Conclusion and recent advances
The development of BATs and their monospecific predecessors has faced significant challenges. Although results with several BATs have demonstrated that tumor-selective engagement of DR5 can be achieved, early agents were either inactive or only moderately effective in preclinical cancer models and, unsurprisingly, underperformed in clinical trials—leading to skepticism about the approach. The early underperformance could be largely attributed to insufficient clustering of death receptors on cell surfaces by these agents, resulting in inefficient triggering of apoptotic cell death. A significant breakthrough came recently with the development of Cancerlysin™, ImmuVia’s proprietary BATs designed to efficiently cluster death receptors through a unique mechanism, greatly enhancing their ability to promote apoptosis in cancer cells. The flagship Cancerlysin™ IMV-M has demonstrated impressive and diverse anti-tumor activity in xenograft tumor models in mice and safety in non-human primates. The manuscript describing this BAT and its mechanism of action is in preparation.
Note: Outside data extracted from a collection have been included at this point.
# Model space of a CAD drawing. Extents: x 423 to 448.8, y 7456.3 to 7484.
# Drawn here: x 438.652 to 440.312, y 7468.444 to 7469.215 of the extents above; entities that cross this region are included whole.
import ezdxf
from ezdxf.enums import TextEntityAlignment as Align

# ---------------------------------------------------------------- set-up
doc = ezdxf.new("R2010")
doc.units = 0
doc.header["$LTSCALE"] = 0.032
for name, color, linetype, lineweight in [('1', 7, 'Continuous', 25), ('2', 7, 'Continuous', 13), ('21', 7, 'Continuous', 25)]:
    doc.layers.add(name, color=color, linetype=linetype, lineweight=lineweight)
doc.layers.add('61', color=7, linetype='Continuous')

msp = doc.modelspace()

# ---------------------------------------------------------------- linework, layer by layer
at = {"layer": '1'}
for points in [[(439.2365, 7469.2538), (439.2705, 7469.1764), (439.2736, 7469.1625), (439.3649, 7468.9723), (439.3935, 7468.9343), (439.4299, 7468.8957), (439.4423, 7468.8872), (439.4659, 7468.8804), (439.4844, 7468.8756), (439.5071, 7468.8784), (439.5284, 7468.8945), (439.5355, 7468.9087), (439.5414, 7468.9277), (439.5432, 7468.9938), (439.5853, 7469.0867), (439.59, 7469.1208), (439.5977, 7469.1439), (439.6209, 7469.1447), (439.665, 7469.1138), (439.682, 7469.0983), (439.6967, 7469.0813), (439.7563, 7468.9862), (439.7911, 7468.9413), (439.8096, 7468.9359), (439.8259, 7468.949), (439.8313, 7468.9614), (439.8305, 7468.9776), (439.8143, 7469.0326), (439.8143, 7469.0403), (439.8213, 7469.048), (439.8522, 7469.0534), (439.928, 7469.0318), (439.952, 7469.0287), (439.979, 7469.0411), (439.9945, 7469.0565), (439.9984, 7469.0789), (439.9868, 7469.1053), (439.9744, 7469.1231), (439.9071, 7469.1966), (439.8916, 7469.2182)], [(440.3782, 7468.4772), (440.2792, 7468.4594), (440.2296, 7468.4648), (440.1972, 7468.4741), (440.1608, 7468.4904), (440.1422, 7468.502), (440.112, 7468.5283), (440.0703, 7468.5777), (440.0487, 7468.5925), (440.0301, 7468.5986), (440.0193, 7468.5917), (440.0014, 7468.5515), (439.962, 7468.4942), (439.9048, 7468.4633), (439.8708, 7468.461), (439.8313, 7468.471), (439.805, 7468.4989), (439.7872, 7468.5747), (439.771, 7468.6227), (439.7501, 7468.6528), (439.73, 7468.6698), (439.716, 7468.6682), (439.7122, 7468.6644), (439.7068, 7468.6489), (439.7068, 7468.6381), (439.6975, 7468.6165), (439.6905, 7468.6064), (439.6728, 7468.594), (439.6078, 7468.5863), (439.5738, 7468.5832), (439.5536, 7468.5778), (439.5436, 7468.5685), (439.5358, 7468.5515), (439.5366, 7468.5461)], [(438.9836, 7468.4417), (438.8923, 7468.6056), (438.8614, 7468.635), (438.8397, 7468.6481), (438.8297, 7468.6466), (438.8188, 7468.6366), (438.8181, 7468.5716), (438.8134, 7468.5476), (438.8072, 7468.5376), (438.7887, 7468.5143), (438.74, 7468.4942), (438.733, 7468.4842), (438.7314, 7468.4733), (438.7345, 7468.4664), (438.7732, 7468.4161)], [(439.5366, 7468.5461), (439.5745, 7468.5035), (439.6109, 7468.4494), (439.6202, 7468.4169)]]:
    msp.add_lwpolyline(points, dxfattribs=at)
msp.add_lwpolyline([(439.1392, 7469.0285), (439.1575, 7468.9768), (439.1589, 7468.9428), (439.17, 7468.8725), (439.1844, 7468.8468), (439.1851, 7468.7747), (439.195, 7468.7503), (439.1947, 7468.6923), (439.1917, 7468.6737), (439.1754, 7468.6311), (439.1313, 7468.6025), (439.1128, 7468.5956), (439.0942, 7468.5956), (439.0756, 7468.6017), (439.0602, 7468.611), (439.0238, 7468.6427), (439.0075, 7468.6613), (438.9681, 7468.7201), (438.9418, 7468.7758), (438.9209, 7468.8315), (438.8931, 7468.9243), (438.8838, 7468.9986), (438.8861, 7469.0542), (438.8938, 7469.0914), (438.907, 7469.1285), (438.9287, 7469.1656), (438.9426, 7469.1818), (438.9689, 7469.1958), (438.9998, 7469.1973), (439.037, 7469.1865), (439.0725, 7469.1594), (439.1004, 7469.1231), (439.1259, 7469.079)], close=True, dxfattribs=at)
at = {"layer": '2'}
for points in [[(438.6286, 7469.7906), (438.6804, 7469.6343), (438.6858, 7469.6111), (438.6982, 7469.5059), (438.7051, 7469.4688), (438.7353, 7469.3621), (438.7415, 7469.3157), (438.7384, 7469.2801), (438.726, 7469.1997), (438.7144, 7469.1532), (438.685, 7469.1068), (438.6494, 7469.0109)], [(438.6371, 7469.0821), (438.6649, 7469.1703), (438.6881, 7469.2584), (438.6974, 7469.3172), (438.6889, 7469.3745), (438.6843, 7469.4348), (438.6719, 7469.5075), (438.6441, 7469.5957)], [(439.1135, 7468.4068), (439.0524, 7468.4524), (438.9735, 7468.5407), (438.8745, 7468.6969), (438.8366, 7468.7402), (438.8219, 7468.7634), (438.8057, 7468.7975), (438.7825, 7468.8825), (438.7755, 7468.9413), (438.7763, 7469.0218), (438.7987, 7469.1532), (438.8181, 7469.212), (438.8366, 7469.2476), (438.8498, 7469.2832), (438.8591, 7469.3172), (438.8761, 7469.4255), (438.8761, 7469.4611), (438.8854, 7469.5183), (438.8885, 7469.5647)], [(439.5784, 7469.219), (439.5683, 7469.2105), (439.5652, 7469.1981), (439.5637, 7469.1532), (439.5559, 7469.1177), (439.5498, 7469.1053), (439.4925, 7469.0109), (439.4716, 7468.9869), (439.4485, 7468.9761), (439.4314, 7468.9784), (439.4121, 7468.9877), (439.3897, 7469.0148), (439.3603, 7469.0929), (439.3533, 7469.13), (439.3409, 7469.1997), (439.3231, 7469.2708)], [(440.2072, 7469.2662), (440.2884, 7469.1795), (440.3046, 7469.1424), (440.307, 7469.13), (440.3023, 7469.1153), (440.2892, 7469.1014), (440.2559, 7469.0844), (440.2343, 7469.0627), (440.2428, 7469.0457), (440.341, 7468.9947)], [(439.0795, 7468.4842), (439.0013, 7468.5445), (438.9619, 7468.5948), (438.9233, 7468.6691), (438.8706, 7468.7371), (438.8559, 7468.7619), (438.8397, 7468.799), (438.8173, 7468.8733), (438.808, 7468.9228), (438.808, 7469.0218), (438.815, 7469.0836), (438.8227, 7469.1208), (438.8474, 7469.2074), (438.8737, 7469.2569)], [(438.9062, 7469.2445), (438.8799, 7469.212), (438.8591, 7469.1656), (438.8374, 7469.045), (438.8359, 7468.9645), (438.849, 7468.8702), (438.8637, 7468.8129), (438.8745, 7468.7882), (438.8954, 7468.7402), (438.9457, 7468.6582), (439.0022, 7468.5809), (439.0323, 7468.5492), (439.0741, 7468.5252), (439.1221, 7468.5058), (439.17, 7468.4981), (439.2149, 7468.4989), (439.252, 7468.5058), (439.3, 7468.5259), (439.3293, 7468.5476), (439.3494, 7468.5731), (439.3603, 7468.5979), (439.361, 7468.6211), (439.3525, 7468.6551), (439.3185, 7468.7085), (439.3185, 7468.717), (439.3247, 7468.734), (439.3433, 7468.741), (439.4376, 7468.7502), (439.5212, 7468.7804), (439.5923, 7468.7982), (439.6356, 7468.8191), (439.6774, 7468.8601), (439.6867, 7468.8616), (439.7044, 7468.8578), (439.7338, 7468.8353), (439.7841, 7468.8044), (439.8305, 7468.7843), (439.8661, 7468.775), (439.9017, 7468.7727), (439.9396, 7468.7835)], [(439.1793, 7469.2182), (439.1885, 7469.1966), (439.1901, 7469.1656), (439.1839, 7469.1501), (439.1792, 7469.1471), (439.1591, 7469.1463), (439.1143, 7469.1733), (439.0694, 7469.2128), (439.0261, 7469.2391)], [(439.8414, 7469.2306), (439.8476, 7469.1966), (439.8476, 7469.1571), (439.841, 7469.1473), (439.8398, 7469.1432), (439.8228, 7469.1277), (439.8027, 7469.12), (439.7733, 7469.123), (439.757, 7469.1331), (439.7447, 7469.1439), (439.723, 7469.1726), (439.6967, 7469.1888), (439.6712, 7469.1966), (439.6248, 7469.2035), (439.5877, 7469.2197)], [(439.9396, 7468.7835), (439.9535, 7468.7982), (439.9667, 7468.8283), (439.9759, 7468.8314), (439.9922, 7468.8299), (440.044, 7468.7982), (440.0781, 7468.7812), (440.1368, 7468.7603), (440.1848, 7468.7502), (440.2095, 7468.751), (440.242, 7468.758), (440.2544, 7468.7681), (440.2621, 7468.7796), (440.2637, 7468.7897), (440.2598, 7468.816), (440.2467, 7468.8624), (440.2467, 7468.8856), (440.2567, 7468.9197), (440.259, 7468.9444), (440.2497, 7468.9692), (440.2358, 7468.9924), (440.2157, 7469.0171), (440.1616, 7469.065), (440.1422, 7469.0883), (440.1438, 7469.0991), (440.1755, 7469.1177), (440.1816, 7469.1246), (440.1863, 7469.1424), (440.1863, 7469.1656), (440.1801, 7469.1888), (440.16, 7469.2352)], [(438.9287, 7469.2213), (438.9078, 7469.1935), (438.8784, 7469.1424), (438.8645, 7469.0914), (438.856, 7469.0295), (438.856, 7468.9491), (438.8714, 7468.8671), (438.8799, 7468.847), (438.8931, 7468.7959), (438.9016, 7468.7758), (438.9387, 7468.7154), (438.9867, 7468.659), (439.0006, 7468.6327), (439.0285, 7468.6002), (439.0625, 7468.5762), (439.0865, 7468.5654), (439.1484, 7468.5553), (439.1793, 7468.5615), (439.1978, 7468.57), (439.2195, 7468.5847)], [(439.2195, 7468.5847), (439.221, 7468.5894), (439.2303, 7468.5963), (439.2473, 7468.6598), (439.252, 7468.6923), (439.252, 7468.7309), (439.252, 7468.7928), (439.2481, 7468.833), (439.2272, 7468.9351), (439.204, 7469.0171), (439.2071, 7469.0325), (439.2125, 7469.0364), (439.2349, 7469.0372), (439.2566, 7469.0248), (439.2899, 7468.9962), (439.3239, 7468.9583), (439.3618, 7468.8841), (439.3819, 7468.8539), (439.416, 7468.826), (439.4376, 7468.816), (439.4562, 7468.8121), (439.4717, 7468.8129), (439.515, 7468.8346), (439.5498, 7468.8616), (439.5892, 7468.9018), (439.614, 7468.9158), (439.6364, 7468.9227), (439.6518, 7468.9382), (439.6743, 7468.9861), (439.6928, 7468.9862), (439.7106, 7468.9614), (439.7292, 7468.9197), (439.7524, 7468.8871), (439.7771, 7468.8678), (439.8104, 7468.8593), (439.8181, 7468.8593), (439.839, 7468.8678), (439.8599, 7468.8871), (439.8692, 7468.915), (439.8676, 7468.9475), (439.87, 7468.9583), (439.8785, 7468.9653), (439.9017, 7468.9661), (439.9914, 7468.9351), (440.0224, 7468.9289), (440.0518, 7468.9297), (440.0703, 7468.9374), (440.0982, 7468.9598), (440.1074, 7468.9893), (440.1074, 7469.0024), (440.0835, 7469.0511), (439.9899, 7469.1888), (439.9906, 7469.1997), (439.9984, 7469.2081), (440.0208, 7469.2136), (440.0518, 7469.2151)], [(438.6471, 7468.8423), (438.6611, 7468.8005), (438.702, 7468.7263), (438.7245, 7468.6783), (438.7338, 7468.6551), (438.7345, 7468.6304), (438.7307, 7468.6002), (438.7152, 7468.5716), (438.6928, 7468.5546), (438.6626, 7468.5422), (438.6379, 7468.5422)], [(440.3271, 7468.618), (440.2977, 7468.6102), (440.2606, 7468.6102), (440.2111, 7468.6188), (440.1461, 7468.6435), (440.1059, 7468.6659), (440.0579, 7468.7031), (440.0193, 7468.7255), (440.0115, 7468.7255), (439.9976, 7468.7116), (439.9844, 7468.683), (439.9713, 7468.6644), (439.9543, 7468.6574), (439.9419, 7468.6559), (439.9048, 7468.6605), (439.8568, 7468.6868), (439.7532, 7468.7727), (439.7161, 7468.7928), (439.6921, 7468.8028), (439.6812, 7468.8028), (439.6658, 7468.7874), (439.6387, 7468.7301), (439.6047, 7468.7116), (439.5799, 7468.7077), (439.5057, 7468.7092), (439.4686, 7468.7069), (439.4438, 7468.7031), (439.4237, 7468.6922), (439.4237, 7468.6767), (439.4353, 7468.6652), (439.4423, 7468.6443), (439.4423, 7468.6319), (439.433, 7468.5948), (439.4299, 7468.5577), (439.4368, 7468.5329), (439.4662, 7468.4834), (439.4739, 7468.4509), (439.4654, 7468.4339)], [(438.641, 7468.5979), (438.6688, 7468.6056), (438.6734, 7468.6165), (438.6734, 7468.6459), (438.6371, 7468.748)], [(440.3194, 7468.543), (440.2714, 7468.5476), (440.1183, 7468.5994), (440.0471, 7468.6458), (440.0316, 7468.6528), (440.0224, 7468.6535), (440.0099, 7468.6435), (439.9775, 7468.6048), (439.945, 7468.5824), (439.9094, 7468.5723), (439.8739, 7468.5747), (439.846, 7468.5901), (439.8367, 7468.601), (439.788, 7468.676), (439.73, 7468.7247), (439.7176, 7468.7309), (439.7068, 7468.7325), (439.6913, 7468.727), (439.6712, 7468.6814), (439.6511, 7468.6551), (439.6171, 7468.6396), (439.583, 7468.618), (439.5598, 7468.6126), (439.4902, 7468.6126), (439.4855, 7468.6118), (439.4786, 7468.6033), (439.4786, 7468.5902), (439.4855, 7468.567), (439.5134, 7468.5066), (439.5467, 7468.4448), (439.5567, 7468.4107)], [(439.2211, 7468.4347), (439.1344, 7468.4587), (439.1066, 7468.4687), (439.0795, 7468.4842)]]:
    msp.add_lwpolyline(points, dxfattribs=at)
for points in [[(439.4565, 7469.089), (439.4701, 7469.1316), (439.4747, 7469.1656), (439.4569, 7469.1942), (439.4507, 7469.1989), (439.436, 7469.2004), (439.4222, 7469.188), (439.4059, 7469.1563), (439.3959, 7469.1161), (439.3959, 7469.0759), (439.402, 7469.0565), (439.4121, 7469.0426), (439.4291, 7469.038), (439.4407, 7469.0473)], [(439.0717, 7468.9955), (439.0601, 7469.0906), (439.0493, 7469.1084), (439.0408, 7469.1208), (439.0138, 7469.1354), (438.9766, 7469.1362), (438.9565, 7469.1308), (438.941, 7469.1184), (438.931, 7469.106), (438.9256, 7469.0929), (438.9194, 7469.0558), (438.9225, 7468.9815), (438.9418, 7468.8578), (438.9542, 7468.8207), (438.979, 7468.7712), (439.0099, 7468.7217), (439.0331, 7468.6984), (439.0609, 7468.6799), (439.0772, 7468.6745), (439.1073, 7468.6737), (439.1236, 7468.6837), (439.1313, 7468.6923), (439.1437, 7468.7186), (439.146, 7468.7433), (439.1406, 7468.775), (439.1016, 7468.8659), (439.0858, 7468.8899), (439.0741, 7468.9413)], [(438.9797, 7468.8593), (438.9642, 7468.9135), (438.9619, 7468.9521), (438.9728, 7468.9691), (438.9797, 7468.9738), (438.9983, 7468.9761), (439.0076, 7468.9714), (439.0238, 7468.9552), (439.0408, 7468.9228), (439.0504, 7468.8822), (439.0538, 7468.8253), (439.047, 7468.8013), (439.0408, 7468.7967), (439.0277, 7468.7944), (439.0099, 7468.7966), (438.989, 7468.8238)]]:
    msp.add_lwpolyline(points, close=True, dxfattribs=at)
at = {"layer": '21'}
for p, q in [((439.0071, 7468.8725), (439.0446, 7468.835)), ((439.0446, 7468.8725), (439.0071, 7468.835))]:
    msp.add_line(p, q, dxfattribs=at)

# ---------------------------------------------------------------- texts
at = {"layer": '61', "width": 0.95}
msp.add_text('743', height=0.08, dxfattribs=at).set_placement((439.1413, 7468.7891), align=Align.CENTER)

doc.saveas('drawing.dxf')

BATs offer several attractive features compared to conventional ADCs:
Distinct mechanism of action: BATs operate through mechanisms unrelated to chemotherapeutic drugs and ADCs, thus avoiding chemotherapy-acquired resistance.
No requirement for internalization: unlike ADCs, which require endocytosis by tumor cells to be effective, BATs act on the DR5 receptor present on the cell surface. This circumvents the limitation of ADCs; only benefitting patients with high TAA expression necessary for sufficient payload delivery to kill tumor cells. BATs are designed to help a broader patient population.
Simplified manufacturing: the production of BATs involves a standard recombinant manufacturing process, with expression levels comparable to those of conventional IgG1 monoclonal antibodies, unlike the complex and expensive manufacturing required for ADCs.
Enhanced tolerability: BATs do not employ toxic compounds, avoiding the payload-related toxicities associated with ADCs. Based on accumulated experience, BATs are expected to be well tolerated by patients, even at very high doses.
Bystander cytotoxicity activity: similar to ADCs with a cleavable linker [75], and unlike mono-specific anti-DR5 agents, BATs exhibit bystander cytotoxicity activity. They can kill tumor cells via trans-clustering of DR5 on neighboring cells, potentially enhancing their anti-tumor activity and enabling the eradication of tumors with heterogeneous TAA expression [42, 70, 73].
With these advantages, we believe BATs are transforming the field of targeting death receptors in tumors, paving the way for highly effective and safe cancer therapies.
Conflict of interest statement
All authors are employees of ImmuVia, Inc.
Ethics and consent statement
Consent was not required.
Animal research statement
Not applicable.
Author contributions
Victor Goldmacher (Conceptualization [lead], Writing—original draft [lead], Writing—review & editing [equal]), Iosif Gershteyn (Writing—review & editing [equal]), and Yelena Kovtun (Writing—review & editing [equal]).
Funding
This work was supported by ImmuVia, Inc.
Data availability
No new data were generated or analyzed in support of this research. Data supporting the information provided here are all from the public literature or public websites.